# See no evil



## RAXL (Jul 9, 2004)

Anybody psyched about the WWE's own KANE starring in Lionsgate's latest horror flick?


----------



## Sinister (Apr 18, 2004)

No.


----------



## HalloweenRick (Nov 25, 2005)

I'd much rather have Stacy Kiebler in the next movie WWE makes....


----------



## Sinister (Apr 18, 2004)

HalloweenRick said:


> I'd much rather have Stacy Kiebler in the next movie WWE makes....

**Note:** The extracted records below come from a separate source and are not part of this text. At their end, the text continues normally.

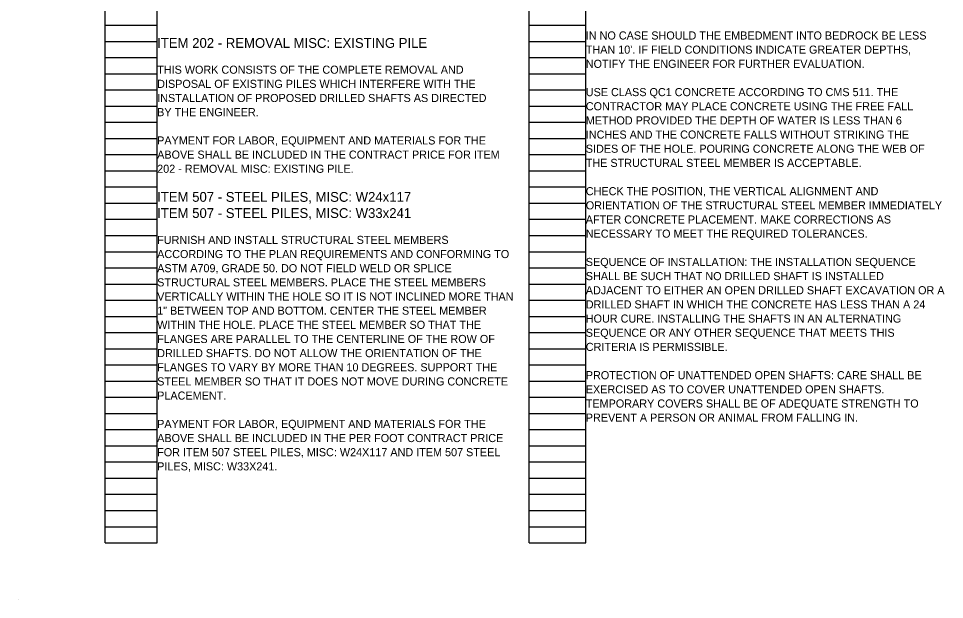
# Model space of a CAD drawing. Extents: x -2.8 to 53.9, y -6 to 15.2.
# Drawn here: x -2.79 to 13.24, y -5.98 to 4.08 of the extents above; entities that cross this region are included whole.
import ezdxf

# ---------------------------------------------------------------- set-up
doc = ezdxf.new("R2010")
doc.units = 0
doc.layers.add('SC_Scratch1', color=7, linetype='Continuous')
doc.layers.add('SH_Text', color=7, linetype='Continuous')

msp = doc.modelspace()

# ---------------------------------------------------------------- linework, layer by layer
at = {"layer": 'SC_Scratch1'}
for p, q in [((-1.287, -4.995), (-1.287, 15.165)), ((-0.387, -4.995), (-0.387, 15.165)), ((6.053, -4.995), (6.053, 15.165)), ((7.033, -4.995), (7.033, 15.165)), ((-1.287, 3.965), (-0.387, 3.965)), ((6.053, 3.965), (7.033, 3.965)), ((-1.287, 3.685), (-0.387, 3.685)), ((6.053, 3.685), (7.033, 3.685)), ((-1.287, 3.405), (-0.387, 3.405)), ((6.053, 3.405), (7.033, 3.405)), ((-1.287, 3.125), (-0.387, 3.125)), ((6.053, 3.125), (7.033, 3.125)), ((-1.287, 2.845), (-0.387, 2.845)), ((6.053, 2.845), (7.033, 2.845)), ((-1.287, 2.565), (-0.387, 2.565)), ((6.053, 2.565), (7.033, 2.565)), ((-1.287, 2.285), (-0.387, 2.285)), ((6.053, 2.285), (7.033, 2.285)), ((-1.287, 2.005), (-0.387, 2.005)), ((6.053, 2.005), (7.033, 2.005)), ((-1.287, 1.725), (-0.387, 1.725)), ((6.053, 1.725), (7.033, 1.725)), ((-1.287, 1.445), (-0.387, 1.445)), ((6.053, 1.445), (7.033, 1.445)), ((-1.287, 1.165), (-0.387, 1.165)), ((6.053, 1.165), (7.033, 1.165)), ((-1.287, 0.885), (-0.387, 0.885)), ((6.053, 0.885), (7.033, 0.885)), ((-1.287, 0.605), (-0.387, 0.605)), ((6.053, 0.605), (7.033, 0.605)), ((-1.287, 0.325), (-0.387, 0.325)), ((6.053, 0.325), (7.033, 0.325)), ((-1.287, 0.045), (-0.387, 0.045)), ((6.053, 0.045), (7.033, 0.045)), ((-1.287, -0.235), (-0.387, -0.235)), ((6.053, -0.235), (7.033, -0.235)), ((-1.287, -0.515), (-0.387, -0.515)), ((6.053, -0.515), (7.033, -0.515)), ((-1.287, -0.795), (-0.387, -0.795)), ((6.053, -0.795), (7.033, -0.795)), ((-1.287, -1.075), (-0.387, -1.075)), ((6.053, -1.075), (7.033, -1.075)), ((-1.287, -1.355), (-0.387, -1.355)), ((6.053, -1.355), (7.033, -1.355)), ((-1.287, -1.635), (-0.387, -1.635)), ((6.053, -1.635), (7.033, -1.635)), ((-1.287, -1.915), (-0.387, -1.915)), ((6.053, -1.915), (7.033, -1.915)), ((-1.287, -2.195), (-0.387, -2.195)), ((6.053, -2.195), (7.033, -2.195)), ((-1.287, -2.475), (-0.387, -2.475)), ((6.053, -2.475), (7.033, -2.475)), ((-1.287, -2.755), (-0.387, -2.755)), ((6.053, -2.755), (7.033, -2.755)), ((-1.287, -3.035), (-0.387, -3.035)), ((6.053, -3.035), (7.033, -3.035)), ((-1.287, -3.315), (-0.387, -3.315)), ((6.053, -3.315), (7.033, -3.315)), ((-1.287, -3.595), (-0.387, -3.595)), ((6.053, -3.595), (7.033, -3.595)), ((-1.287, -3.875), (-0.387, -3.875)), ((6.053, -3.875), (7.033, -3.875)), ((-1.287, -4.155), (-0.387, -4.155)), ((6.053, -4.155), (7.033, -4.155)), ((-1.287, -4.435), (-0.387, -4.435)), ((6.053, -4.435), (7.033, -4.435)), ((-1.287, -4.715), (-0.387, -4.715)), ((6.053, -4.715), (7.033, -4.715)), ((-1.287, -4.995), (-0.387, -4.995)), ((6.053, -4.995), (7.033, -4.995)), ((-2.787, -5.975), (-2.787, -5.975))]:
    msp.add_line(p, q, dxfattribs=at)

# ---------------------------------------------------------------- texts
at = {"layer": 'SH_Text'}
for s, height, p in [('IN NO CASE SHOULD THE EMBEDMENT INTO BEDROCK BE LESS ', 0.14, (7.033, 3.717)), ('ITEM 202 - REMOVAL MISC: EXISTING PILE', 0.17, (-0.387, 3.573)), ("THAN 10'. IF FIELD CONDITIONS INDICATE GREATER DEPTHS, ", 0.14, (7.033, 3.472)), ('NOTIFY THE ENGINEER FOR FURTHER EVALUATION. ', 0.14, (7.033, 3.227)), ('THIS WORK CONSISTS OF THE COMPLETE REMOVAL AND ', 0.14, (-0.387, 3.125)), ('DISPOSAL OF EXISTING PILES WHICH INTERFERE WITH THE ', 0.14, (-0.387, 2.88)), ('INSTALLATION OF PROPOSED DRILLED SHAFTS AS DIRECTED ', 0.14, (-0.387, 2.635)), ('USE CLASS QC1 CONCRETE ACCORDING TO CMS 511. THE ', 0.14, (7.033, 2.737)), ('CONTRACTOR MAY PLACE CONCRETE USING THE FREE FALL ', 0.14, (7.033, 2.492)), ('BY THE ENGINEER. ', 0.14, (-0.387, 2.39)), ('METHOD PROVIDED THE DEPTH OF WATER IS LESS THAN 6 ', 0.14, (7.033, 2.247)), ('INCHES AND THE CONCRETE FALLS WITHOUT STRIKING THE ', 0.14, (7.033, 2.002)), ('PAYMENT FOR LABOR, EQUIPMENT AND MATERIALS FOR THE ', 0.14, (-0.387, 1.9)), ('ABOVE SHALL BE INCLUDED IN THE CONTRACT PRICE FOR ITEM ', 0.14, (-0.387, 1.655)), ('SIDES OF THE HOLE. POURING CONCRETE ALONG THE WEB OF ', 0.14, (7.033, 1.757)), ('THE STRUCTURAL STEEL MEMBER IS ACCEPTABLE. ', 0.14, (7.033, 1.512)), ('202 - REMOVAL MISC: EXISTING PILE.', 0.14, (-0.387, 1.41)), ('CHECK THE POSITION, THE VERTICAL ALIGNMENT AND ', 0.14, (7.033, 1.022)), ('ITEM 507 - STEEL PILES, MISC: W24x117', 0.17, (-0.387, 0.908)), ('ORIENTATION OF THE STRUCTURAL STEEL MEMBER IMMEDIATELY ', 0.14, (7.033, 0.777)), ('ITEM 507 - STEEL PILES, MISC: W33x241', 0.17, (-0.387, 0.628)), ('AFTER CONCRETE PLACEMENT. MAKE CORRECTIONS AS ', 0.14, (7.033, 0.532)), ('FURNISH AND INSTALL STRUCTURAL STEEL MEMBERS ', 0.14, (-0.387, 0.179)), ('NECESSARY TO MEET THE REQUIRED TOLERANCES. ', 0.14, (7.033, 0.287)), ('ACCORDING TO THE PLAN REQUIREMENTS AND CONFORMING TO ', 0.14, (-0.387, -0.066)), ('SEQUENCE OF INSTALLATION: THE INSTALLATION SEQUENCE ', 0.14, (7.033, -0.203)), ('ASTM A709, GRADE 50. DO NOT FIELD WELD OR SPLICE ', 0.14, (-0.387, -0.311)), ('SHALL BE SUCH THAT NO DRILLED SHAFT IS INSTALLED ', 0.14, (7.033, -0.448)), ('STRUCTURAL STEEL MEMBERS. PLACE THE STEEL MEMBERS ', 0.14, (-0.387, -0.556)), ('ADJACENT TO EITHER AN OPEN DRILLED SHAFT EXCAVATION OR A ', 0.14, (7.033, -0.693)), ('VERTICALLY WITHIN THE HOLE SO IT IS NOT INCLINED MORE THAN ', 0.14, (-0.387, -0.801)), ('DRILLED SHAFT IN WHICH THE CONCRETE HAS LESS THAN A 24 ', 0.14, (7.033, -0.938)), ('1" BETWEEN TOP AND BOTTOM. CENTER THE STEEL MEMBER ', 0.14, (-0.387, -1.046)), ('HOUR CURE. INSTALLING THE SHAFTS IN AN ALTERNATING ', 0.14, (7.033, -1.183)), ('WITHIN THE HOLE. PLACE THE STEEL MEMBER SO THAT THE ', 0.14, (-0.387, -1.291)), ('FLANGES ARE PARALLEL TO THE CENTERLINE OF THE ROW OF ', 0.14, (-0.387, -1.536)), ('SEQUENCE OR ANY OTHER SEQUENCE THAT MEETS THIS ', 0.14, (7.033, -1.428)), ('CRITERIA IS PERMISSIBLE. ', 0.14, (7.033, -1.673)), ('DRILLED SHAFTS. DO NOT ALLOW THE ORIENTATION OF THE ', 0.14, (-0.387, -1.781)), ('FLANGES TO VARY BY MORE THAN 10 DEGREES. SUPPORT THE ', 0.14, (-0.387, -2.026)), ('PROTECTION OF UNATTENDED OPEN SHAFTS: CARE SHALL BE ', 0.14, (7.033, -2.163)), ('STEEL MEMBER SO THAT IT DOES NOT MOVE DURING CONCRETE ', 0.14, (-0.387, -2.271)), ('PLACEMENT. ', 0.14, (-0.387, -2.516)), ('EXERCISED AS TO COVER UNATTENDED OPEN SHAFTS. ', 0.14, (7.033, -2.408)), ('TEMPORARY COVERS SHALL BE OF ADEQUATE STRENGTH TO ', 0.14, (7.033, -2.653)), ('PAYMENT FOR LABOR, EQUIPMENT AND MATERIALS FOR THE ', 0.14, (-0.387, -3.006)), ('PREVENT A PERSON OR ANIMAL FROM FALLING IN. ', 0.14, (7.033, -2.898)), ('ABOVE SHALL BE INCLUDED IN THE PER FOOT CONTRACT PRICE ', 0.14, (-0.387, -3.251)), ('FOR ITEM 507 STEEL PILES, MISC: W24X117 AND ITEM 507 STEEL ', 0.14, (-0.387, -3.496)), ('PILES, MISC: W33X241.', 0.14, (-0.387, -3.741))]:
    msp.add_text(s, height=height, dxfattribs=at).set_placement(p)

doc.saveas('drawing.dxf')

Agreed, Rick! I also wouldn't mind seeing Trish Stratus in that film. The two ladies car break down on a lonely dirt road and they're forced to take shelter in an old dilapidated house as rain pours down and the winds howl outside. Much to their chagrin, they must take solace in each others embraces on a satin covered bed with low, sultry music in the background and scented candles burning. Items, I might add that are mysteriously out of place in said house...


----------



## Death's Door (Mar 22, 2006)

I will wait for this to go on DVD.


----------



## HalloweenRick (Nov 25, 2005)

I'd volunteer my acting services for free if we can make this Trish Stratus/Stacy Kiebler horror/coming of age lesbian film. I would even volunteer to be an extra if that's what it would take. However, I'm also very good at the "Let's pick up a perfect stranger for a good time" role for this movie, starring me as the perfect stranger....


----------



## Non Compos Mentis (Apr 14, 2004)

If my friends' rent this when it comes out on DVD. I'll see it, but I'm not wasting my money seeing this at the movies.


----------



## Faustian_Pact (Apr 19, 2006)

I invested. Until they get Ghostbusters 3 made. With Ben Stiller~!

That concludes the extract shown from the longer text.